▶ Exercise
From the material below, list every line containing "under".

Entries shown below:

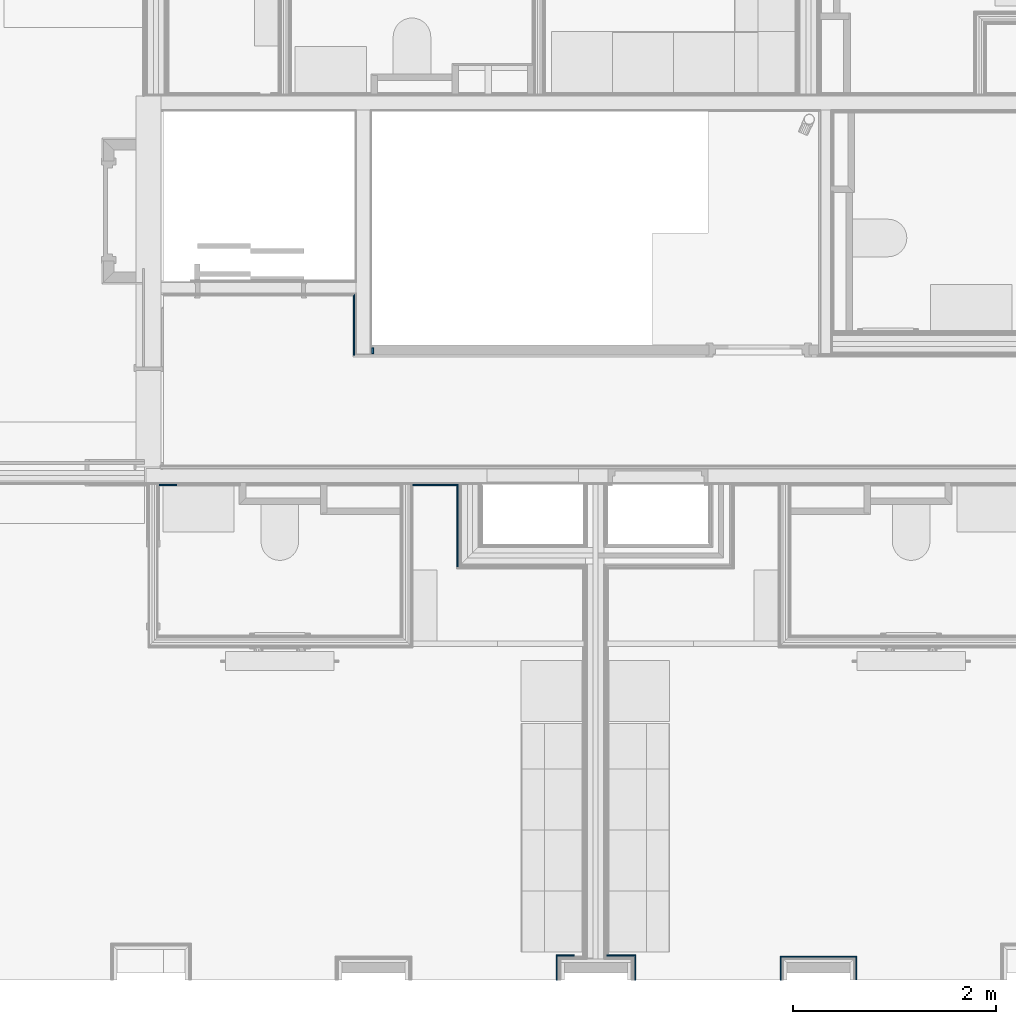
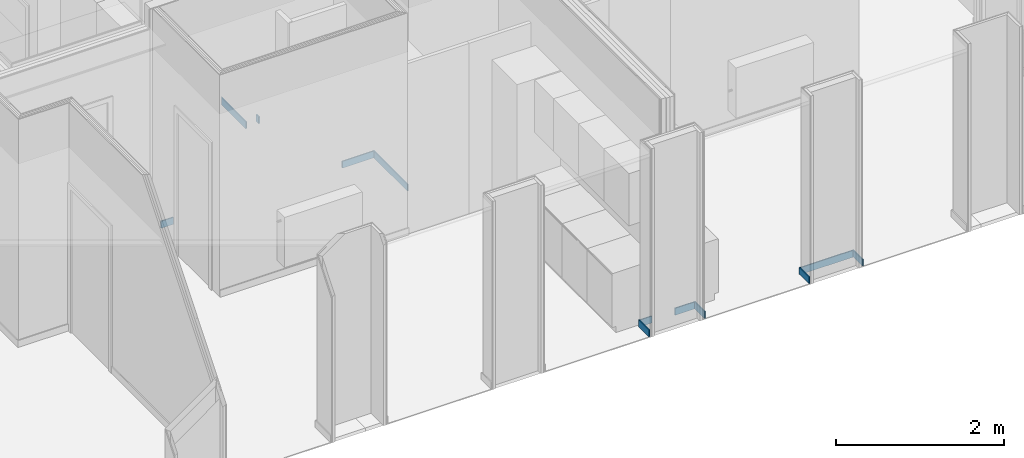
# One storey, part 32 of 65: 12 building element parts, 9 elements without a shape of their own.
"""IFC2X3 building model written with IfcOpenShell, lengths in metres."""

from ifc_helpers import new_model, entity, si_unit, converted_unit, derived_unit, money_unit, direction, frame, frame_2d, origin_with_axes, place, context, subcontext, project, spatial, polyline, rectangle, outline, extrude, material, type_object, element, aggregate, save


model = new_model("IFC2X3")

# Units and contexts
model_context = context("Model", 3, precision=1e-05, world=origin_with_axes(), true_north=direction((0.0, 1.0)))
body_context = subcontext(model_context, "Body", "Model", "MODEL_VIEW", scale=1.0)
ifc_project = project(units=[si_unit("LENGTHUNIT", "METRE"), si_unit("AREAUNIT", "SQUARE_METRE"), si_unit("VOLUMEUNIT", "CUBIC_METRE"), si_unit("ABSORBEDDOSEUNIT", "GRAY"), si_unit("AMOUNTOFSUBSTANCEUNIT", "MOLE"), si_unit("DOSEEQUIVALENTUNIT", "SIEVERT"), si_unit("ELECTRICCAPACITANCEUNIT", "FARAD"), si_unit("ELECTRICCHARGEUNIT", "COULOMB"), si_unit("ELECTRICCONDUCTANCEUNIT", "SIEMENS"), si_unit("ELECTRICCURRENTUNIT", "AMPERE"), si_unit("ELECTRICRESISTANCEUNIT", "OHM"), si_unit("ELECTRICVOLTAGEUNIT", "VOLT"), si_unit("ENERGYUNIT", "JOULE"), si_unit("FORCEUNIT", "NEWTON"), si_unit("FREQUENCYUNIT", "HERTZ"), si_unit("ILLUMINANCEUNIT", "LUX"), si_unit("INDUCTANCEUNIT", "HENRY"), si_unit("LUMINOUSFLUXUNIT", "LUMEN"), si_unit("LUMINOUSINTENSITYUNIT", "CANDELA"), si_unit("MAGNETICFLUXDENSITYUNIT", "TESLA"), si_unit("MAGNETICFLUXUNIT", "WEBER"), si_unit("MASSUNIT", "GRAM"), converted_unit("PLANEANGLEUNIT", "degree", entity("IfcReal", 0.0174532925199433), si_unit("PLANEANGLEUNIT", "RADIAN"), dimensions=[0, 0, 0, 0, 0, 0, 0]), si_unit("POWERUNIT", "WATT"), si_unit("PRESSUREUNIT", "PASCAL"), si_unit("RADIOACTIVITYUNIT", "BECQUEREL"), si_unit("SOLIDANGLEUNIT", "STERADIAN"), si_unit("THERMODYNAMICTEMPERATUREUNIT", "KELVIN"), si_unit("TIMEUNIT", "SECOND"), derived_unit("ACCELERATIONUNIT", [(si_unit("LENGTHUNIT", "METRE"), 1), (si_unit("TIMEUNIT", "SECOND"), -2)]), derived_unit("ANGULARVELOCITYUNIT", [(converted_unit("PLANEANGLEUNIT", "degree", entity("IfcReal", 0.0174532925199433), si_unit("PLANEANGLEUNIT", "RADIAN"), dimensions=[0, 0, 0, 0, 0, 0, 0]), 1), (si_unit("TIMEUNIT", "SECOND"), -1)]), derived_unit("CURVATUREUNIT", [(converted_unit("PLANEANGLEUNIT", "degree", entity("IfcReal", 0.0174532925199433), si_unit("PLANEANGLEUNIT", "RADIAN"), dimensions=[0, 0, 0, 0, 0, 0, 0]), 1), (si_unit("LENGTHUNIT", "METRE"), -1)]), derived_unit("DYNAMICVISCOSITYUNIT", [(si_unit("PRESSUREUNIT", "PASCAL"), 1), (si_unit("TIMEUNIT", "SECOND"), 1)]), derived_unit("HEATFLUXDENSITYUNIT", [(si_unit("POWERUNIT", "WATT"), 1), (si_unit("LENGTHUNIT", "METRE"), -2)]), derived_unit("HEATINGVALUEUNIT", [(si_unit("ENERGYUNIT", "JOULE"), 1), (si_unit("MASSUNIT", "GRAM"), -1)]), derived_unit("INTEGERCOUNTRATEUNIT", [(si_unit("TIMEUNIT", "SECOND"), -1)]), derived_unit("IONCONCENTRATIONUNIT", [(si_unit("MASSUNIT", "GRAM"), 1), (si_unit("VOLUMEUNIT", "CUBIC_METRE"), -1)]), derived_unit("ISOTHERMALMOISTURECAPACITYUNIT", [(si_unit("VOLUMEUNIT", "CUBIC_METRE"), 1), (si_unit("MASSUNIT", "GRAM"), -1)]), derived_unit("KINEMATICVISCOSITYUNIT", [(si_unit("AREAUNIT", "SQUARE_METRE"), 1), (si_unit("TIMEUNIT", "SECOND"), -1)]), derived_unit("LINEARFORCEUNIT", [(si_unit("FORCEUNIT", "NEWTON"), 1), (si_unit("LENGTHUNIT", "METRE"), -1)]), derived_unit("LINEARMOMENTUNIT", [(si_unit("FORCEUNIT", "NEWTON"), 1), (si_unit("LENGTHUNIT", "METRE"), -1)]), derived_unit("LINEARSTIFFNESSUNIT", [(si_unit("FORCEUNIT", "NEWTON"), 1), (si_unit("LENGTHUNIT", "METRE"), -1)]), derived_unit("LINEARVELOCITYUNIT", [(si_unit("LENGTHUNIT", "METRE"), 1), (si_unit("TIMEUNIT", "SECOND"), -1)]), derived_unit("LUMINOUSINTENSITYDISTRIBUTIONUNIT", [(si_unit("LUMINOUSINTENSITYUNIT", "CANDELA"), 1), (si_unit("LUMINOUSFLUXUNIT", "LUMEN"), -1)]), derived_unit("MASSDENSITYUNIT", [(si_unit("MASSUNIT", "GRAM"), 1), (si_unit("VOLUMEUNIT", "CUBIC_METRE"), -1)]), derived_unit("MASSFLOWRATEUNIT", [(si_unit("MASSUNIT", "GRAM"), 1), (si_unit("TIMEUNIT", "SECOND"), -1)]), derived_unit("MASSPERLENGTHUNIT", [(si_unit("MASSUNIT", "GRAM"), 1), (si_unit("LENGTHUNIT", "METRE"), -1)]), derived_unit("MODULUSOFELASTICITYUNIT", [(si_unit("FORCEUNIT", "NEWTON"), 1), (si_unit("AREAUNIT", "SQUARE_METRE"), -1)]), derived_unit("MODULUSOFLINEARSUBGRADEREACTIONUNIT", [(si_unit("FORCEUNIT", "NEWTON"), 1), (si_unit("LENGTHUNIT", "METRE"), -2)]), derived_unit("MODULUSOFROTATIONALSUBGRADEREACTIONUNIT", [(si_unit("FORCEUNIT", "NEWTON"), 1), (si_unit("LENGTHUNIT", "METRE"), 1)]), derived_unit("MODULUSOFSUBGRADEREACTIONUNIT", [(si_unit("FORCEUNIT", "NEWTON"), 1), (si_unit("VOLUMEUNIT", "CUBIC_METRE"), -1)]), derived_unit("MOISTUREDIFFUSIVITYUNIT", [(si_unit("VOLUMEUNIT", "CUBIC_METRE"), 1), (si_unit("TIMEUNIT", "SECOND"), -1)]), derived_unit("MOLECULARWEIGHTUNIT", [(si_unit("MASSUNIT", "GRAM"), 1), (si_unit("AMOUNTOFSUBSTANCEUNIT", "MOLE"), -1)]), derived_unit("PLANARFORCEUNIT", [(si_unit("FORCEUNIT", "NEWTON"), 1), (si_unit("LENGTHUNIT", "METRE"), -2)]), derived_unit("ROTATIONALFREQUENCYUNIT", [(si_unit("TIMEUNIT", "SECOND"), -1)]), derived_unit("ROTATIONALMASSUNIT", [(si_unit("MASSUNIT", "GRAM"), 1), (si_unit("LENGTHUNIT", "METRE"), 2)]), derived_unit("ROTATIONALSTIFFNESSUNIT", [(si_unit("FORCEUNIT", "NEWTON"), 1), (si_unit("LENGTHUNIT", "METRE"), 1), (converted_unit("PLANEANGLEUNIT", "degree", entity("IfcReal", 0.0174532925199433), si_unit("PLANEANGLEUNIT", "RADIAN"), dimensions=[0, 0, 0, 0, 0, 0, 0]), -1)]), derived_unit("SECTIONAREAINTEGRALUNIT", [(si_unit("LENGTHUNIT", "METRE"), 5)]), derived_unit("SECTIONMODULUSUNIT", [(si_unit("LENGTHUNIT", "METRE"), 3)]), derived_unit("SHEARMODULUSUNIT", [(si_unit("FORCEUNIT", "NEWTON"), 1), (si_unit("AREAUNIT", "SQUARE_METRE"), -1)]), derived_unit("SOUNDPOWERUNIT", [(si_unit("ENERGYUNIT", "JOULE"), 1), (si_unit("TIMEUNIT", "SECOND"), -1)]), derived_unit("SPECIFICHEATCAPACITYUNIT", [(si_unit("FORCEUNIT", "NEWTON"), 1), (si_unit("MASSUNIT", "GRAM"), -1), (si_unit("THERMODYNAMICTEMPERATUREUNIT", "KELVIN"), -1)]), derived_unit("TEMPERATUREGRADIENTUNIT", [(si_unit("THERMODYNAMICTEMPERATUREUNIT", "KELVIN"), 1), (si_unit("LENGTHUNIT", "METRE"), -1)]), derived_unit("THERMALADMITTANCEUNIT", [(si_unit("POWERUNIT", "WATT"), 1), (si_unit("AREAUNIT", "SQUARE_METRE"), -1), (si_unit("THERMODYNAMICTEMPERATUREUNIT", "KELVIN"), -1)]), derived_unit("THERMALCONDUCTANCEUNIT", [(si_unit("POWERUNIT", "WATT"), 1), (si_unit("LENGTHUNIT", "METRE"), -1), (si_unit("THERMODYNAMICTEMPERATUREUNIT", "KELVIN"), -1)]), derived_unit("THERMALEXPANSIONCOEFFICIENTUNIT", [(si_unit("THERMODYNAMICTEMPERATUREUNIT", "KELVIN"), -1)]), derived_unit("THERMALRESISTANCEUNIT", [(si_unit("AREAUNIT", "SQUARE_METRE"), 1), (si_unit("POWERUNIT", "WATT"), -1)]), derived_unit("THERMALTRANSMITTANCEUNIT", [(si_unit("POWERUNIT", "WATT"), 1), (si_unit("AREAUNIT", "SQUARE_METRE"), -1), (si_unit("THERMODYNAMICTEMPERATUREUNIT", "KELVIN"), -1)]), derived_unit("TORQUEUNIT", [(si_unit("FORCEUNIT", "NEWTON"), 1), (si_unit("LENGTHUNIT", "METRE"), 1)]), derived_unit("VAPORPERMEABILITYUNIT", [(si_unit("MASSUNIT", "GRAM"), 1), (si_unit("TIMEUNIT", "SECOND"), -1)]), derived_unit("VOLUMETRICFLOWRATEUNIT", [(si_unit("VOLUMEUNIT", "CUBIC_METRE"), 1), (si_unit("TIMEUNIT", "SECOND"), -1)]), derived_unit("WARPINGCONSTANTUNIT", [(si_unit("LENGTHUNIT", "METRE"), 6)]), derived_unit("WARPINGMOMENTUNIT", [(si_unit("FORCEUNIT", "NEWTON"), 1), (si_unit("LENGTHUNIT", "METRE"), 2)]), money_unit("GBP")], contexts=[model_context])

# Site, building, storey
site_placement = place(None, origin_with_axes())
site = spatial("IfcSite", under=ifc_project, at=site_placement, Name="Site", CompositionType="ELEMENT")
building_placement = place(site_placement, origin_with_axes())
building = spatial("IfcBuilding", under=site, at=building_placement, Name="Building01", CompositionType="ELEMENT")
storey_placement = place(building_placement, frame((0.0, 0.0, 8.64), z_axis=(0.0, 0.0, 1.0), x_axis=(1.0, 0.0, 0.0)))
storey = spatial("IfcBuildingStorey", under=building, at=storey_placement, Name="2F", CompositionType="ELEMENT", Elevation=8.64)

# Wall, building element parts
wall_type_1 = type_object("IfcWallType", Name="SHE_A-Walls_Type03a_BlockworkWall_170mm", PredefinedType="NOTDEFINED")
wall_1_placement = place(storey_placement, frame((11.145, 6.263, 0.0), z_axis=(0.0, 0.0, 1.0), x_axis=(0.0, 1.0, 0.0)))
wall_1 = element("IfcWall", 1, at=wall_1_placement, inside=storey, type_object=wall_type_1, Name="4B", ObjectType="SHE_A-Walls_Type03a_BlockworkWall_170mm")
ifc_material = material(Name="A_BSUK_Walls_Timber")
placement_1 = place(wall_1_placement, origin_with_axes())
building_element_part_1 = element("IfcBuildingElementPart", 2, at=placement_1, material=ifc_material, Name="1", context=body_context, shape_type="SweptSolid", body=[
    extrude(rectangle(XDim=0.062, YDim=0.015, at=frame_2d((0.031, -0.1625), x_axis=(-1.0, 0.0))), frame((0.0, 0.0, 0.015), z_axis=(0.0, 0.0, 1.0), x_axis=(1.0, 0.0, 0.0)), (0.0, 0.0, 1.0), 0.1),
])
building_element_part_2 = element("IfcBuildingElementPart", 3, at=placement_1, material=ifc_material, Name="6", context=body_context, shape_type="SweptSolid", body=[
    extrude(outline(polyline([(0.572, 0.03), (-0.013, 0.03), (-0.013, 0.015), (0.587, 0.015), (0.572, 0.03)])), frame((0.0, 0.0, 0.015), z_axis=(0.0, 0.0, 1.0), x_axis=(1.0, 0.0, 0.0)), (0.0, 0.0, 1.0), 0.1),
])
aggregate(wall_1, [building_element_part_1, building_element_part_2])

# Wall, building element part
wall_type_2 = type_object("IfcWallType", Name="SHE_A-Walls_Type06d_ExternalWallInsulation_48mm", PredefinedType="NOTDEFINED")
wall_2_placement = place(storey_placement, frame((15.383, 0.1, 0.0), z_axis=(0.0, 0.0, 1.0), x_axis=(0.0, 1.0, 0.0)))
wall_2 = element("IfcWall", 4, at=wall_2_placement, inside=storey, type_object=wall_type_2, Name="6D", ObjectType="SHE_A-Walls_Type06d_ExternalWallInsulation_48mm")
building_element_part_3_placement = place(wall_2_placement, origin_with_axes())
building_element_part_3 = element("IfcBuildingElementPart", 5, at=building_element_part_3_placement, material=ifc_material, Name="3", context=body_context, shape_type="SweptSolid", body=[
    extrude(outline(polyline([(0.233, 0.063), (0.0, 0.063), (0.0, 0.048), (0.218, 0.048), (0.233, 0.063)])), frame((0.0, 0.0, 0.015), z_axis=(0.0, 0.0, 1.0), x_axis=(1.0, 0.0, 0.0)), (0.0, 0.0, 1.0), 0.1),
])
aggregate(wall_2, [building_element_part_3])

wall_3_placement = place(storey_placement, frame((15.383, 0.27, 0.0), z_axis=(0.0, 0.0, 1.0), x_axis=(1.0, 0.0, 0.0)))
wall_3 = element("IfcWall", 6, at=wall_3_placement, inside=storey, type_object=wall_type_2, Name="6D", ObjectType="SHE_A-Walls_Type06d_ExternalWallInsulation_48mm")
building_element_part_4_placement = place(wall_3_placement, origin_with_axes())
building_element_part_4 = element("IfcBuildingElementPart", 7, at=building_element_part_4_placement, material=ifc_material, Name="3", context=body_context, shape_type="SweptSolid", body=[
    extrude(outline(polyline([(0.687, 0.063), (-0.063, 0.063), (-0.048, 0.048), (0.672, 0.048), (0.687, 0.063)])), frame((0.0, 0.0, 0.015), z_axis=(0.0, 0.0, 1.0), x_axis=(1.0, 0.0, 0.0)), (0.0, 0.0, 1.0), 0.1),
])
aggregate(wall_3, [building_element_part_4])

wall_4_placement = place(storey_placement, frame((16.007, 0.27, 0.0), z_axis=(0.0, 0.0, 1.0), x_axis=(0.0, -1.0, 0.0)))
wall_4 = element("IfcWall", 8, at=wall_4_placement, inside=storey, type_object=wall_type_2, Name="6D", ObjectType="SHE_A-Walls_Type06d_ExternalWallInsulation_48mm")
building_element_part_5_placement = place(wall_4_placement, origin_with_axes())
building_element_part_5 = element("IfcBuildingElementPart", 9, at=building_element_part_5_placement, material=ifc_material, Name="3", context=body_context, shape_type="SweptSolid", body=[
    extrude(outline(polyline([(-0.063, 0.063), (-0.048, 0.048), (0.17, 0.048), (0.17, 0.063), (-0.063, 0.063)])), frame((0.0, 0.0, 0.015), z_axis=(0.0, 0.0, 1.0), x_axis=(1.0, 0.0, 0.0)), (0.0, 0.0, 1.0), 0.1),
])
aggregate(wall_4, [building_element_part_5])

wall_type_3 = type_object("IfcWallType", Name="SHE_A-Walls_Type01c_Partywall_225mm_twin_tall", PredefinedType="NOTDEFINED")
wall_5_placement = place(storey_placement, frame((12.288, 4.98, 0.0), z_axis=(0.0, 0.0, 1.0), x_axis=(0.0, -1.0, 0.0)))
wall_5 = element("IfcWall", 10, at=wall_5_placement, inside=storey, type_object=wall_type_3, Name="1C", ObjectType="SHE_A-Walls_Type01c_Partywall_225mm_twin_tall")
building_element_part_6_placement = place(wall_5_placement, origin_with_axes())
building_element_part_6 = element("IfcBuildingElementPart", 11, at=building_element_part_6_placement, material=ifc_material, Name="1", context=body_context, shape_type="SweptSolid", body=[
    extrude(rectangle(XDim=0.815572, YDim=0.015, at=frame_2d((0.407786, -0.1455), x_axis=(-1.0, 0.0))), frame((0.0, 0.0, 0.015), z_axis=(0.0, 0.0, 1.0), x_axis=(1.0, 0.0, 0.0)), (0.0, 0.0, 1.0), 0.1),
])
aggregate(wall_5, [building_element_part_6])

# Wall, building element parts
wall_6_placement = place(storey_placement, frame((9.075, 4.995, 0.0), z_axis=(0.0, 0.0, 1.0), x_axis=(1.0, 0.0, 0.0)))
wall_6 = element("IfcWall", 12, at=wall_6_placement, inside=storey, type_object=wall_type_1, Name="4B", ObjectType="SHE_A-Walls_Type03a_BlockworkWall_170mm")
placement_2 = place(wall_6_placement, origin_with_axes())
building_element_part_7 = element("IfcBuildingElementPart", 13, at=placement_2, material=ifc_material, Name="1", context=body_context, shape_type="SweptSolid", body=[
    extrude(rectangle(XDim=0.169464, YDim=0.015, at=frame_2d((0.217268, -0.0225), x_axis=(-1.0, 0.0))), frame((0.0, 0.0, 0.015), z_axis=(0.0, 0.0, 1.0), x_axis=(1.0, 0.0, 0.0)), (0.0, 0.0, 1.0), 0.1),
])
building_element_part_8 = element("IfcBuildingElementPart", 14, at=placement_2, material=ifc_material, Name="6", context=body_context, shape_type="SweptSolid", body=[
    extrude(rectangle(XDim=0.432464, YDim=0.015, at=frame_2d((2.843768, -0.0225), x_axis=(-1.0, 0.0))), frame((0.0, 0.0, 0.015), z_axis=(0.0, 0.0, 1.0), x_axis=(1.0, 0.0, 0.0)), (0.0, 0.0, 1.0), 0.1),
])
aggregate(wall_6, [building_element_part_7, building_element_part_8])

# Wall, building element part
wall_type_4 = type_object("IfcWallType", Name="SHE_A-Walls_Type06f_ExternalWallInsulation_48+15mm", PredefinedType="NOTDEFINED")
wall_7_placement = place(storey_placement, frame((13.193, 0.27, 0.0), z_axis=(0.0, 0.0, 1.0), x_axis=(0.0, 1.0, 0.0)))
wall_7 = element("IfcWall", 15, at=wall_7_placement, inside=storey, type_object=wall_type_4, Name="6F", ObjectType="SHE_A-Walls_Type06f_ExternalWallInsulation_48+15mm")
building_element_part_9_placement = place(wall_7_placement, origin_with_axes())
building_element_part_9 = element("IfcBuildingElementPart", 16, at=building_element_part_9_placement, material=ifc_material, Name="4", context=body_context, shape_type="SweptSolid", body=[
    extrude(outline(polyline([(-0.17, 0.063), (0.063, 0.063), (0.078, 0.078), (-0.17, 0.078), (-0.17, 0.063)])), frame((0.0, 0.0, 0.015), z_axis=(0.0, 0.0, 1.0), x_axis=(1.0, 0.0, 0.0)), (0.0, 0.0, 1.0), 0.1),
])
aggregate(wall_7, [building_element_part_9])

# Wall, building element parts
wall_8_placement = place(storey_placement, frame((13.853124, 0.27, 0.0), z_axis=(0.0, 0.0, 1.0), x_axis=(1.0, 0.0, 0.0)))
wall_8 = element("IfcWall", 17, at=wall_8_placement, inside=storey, type_object=wall_type_4, Name="6F", ObjectType="SHE_A-Walls_Type06f_ExternalWallInsulation_48+15mm")
placement_3 = place(wall_8_placement, origin_with_axes())
building_element_part_10 = element("IfcBuildingElementPart", 18, at=placement_3, material=ifc_material, Name="6", context=body_context, shape_type="SweptSolid", body=[
    extrude(outline(polyline([(-0.240624, 0.063), (0.027, 0.063), (0.042, 0.078), (-0.240624, 0.078), (-0.240624, 0.063)])), frame((0.0, 0.0, 0.015), z_axis=(0.0, 0.0, 1.0), x_axis=(1.0, 0.0, 0.0)), (0.0, 0.0, 1.0), 0.1),
])
building_element_part_11 = element("IfcBuildingElementPart", 19, at=placement_3, material=ifc_material, Name="7", context=body_context, shape_type="SweptSolid", body=[
    extrude(outline(polyline([(-0.723124, 0.063), (-0.559992, 0.063), (-0.559992, 0.078), (-0.738124, 0.078), (-0.723124, 0.063)])), frame((0.0, 0.0, 0.015), z_axis=(0.0, 0.0, 1.0), x_axis=(1.0, 0.0, 0.0)), (0.0, 0.0, 1.0), 0.1),
])
aggregate(wall_8, [building_element_part_10, building_element_part_11])

# Wall, building element part
wall_9_placement = place(storey_placement, frame((13.817124, 0.27, 0.0), z_axis=(0.0, 0.0, 1.0), x_axis=(0.0, 1.0, 0.0)))
wall_9 = element("IfcWall", 20, at=wall_9_placement, inside=storey, type_object=wall_type_4, Name="6F", ObjectType="SHE_A-Walls_Type06f_ExternalWallInsulation_48+15mm")
building_element_part_12_placement = place(wall_9_placement, origin_with_axes())
building_element_part_12 = element("IfcBuildingElementPart", 21, at=building_element_part_12_placement, material=ifc_material, Name="1", context=body_context, shape_type="SweptSolid", body=[
    extrude(outline(polyline([(-0.17, -0.078), (0.078, -0.078), (0.063, -0.063), (-0.17, -0.063), (-0.17, -0.078)])), frame((0.0, 0.0, 0.015), z_axis=(0.0, 0.0, 1.0), x_axis=(1.0, 0.0, 0.0)), (0.0, 0.0, 1.0), 0.1),
])
aggregate(wall_9, [building_element_part_12])

save(model, "model.ifc")

End of Entries shown.

▶ Written answer
site = spatial("IfcSite", under=ifc_project, at=site_placement, Name="Site", CompositionType="ELEMENT")
building = spatial("IfcBuilding", under=site, at=building_placement, Name="Building01", CompositionType="ELEMENT")
storey = spatial("IfcBuildingStorey", under=building, at=storey_placement, Name="2F", CompositionType="ELEMENT", Elevation=8.64)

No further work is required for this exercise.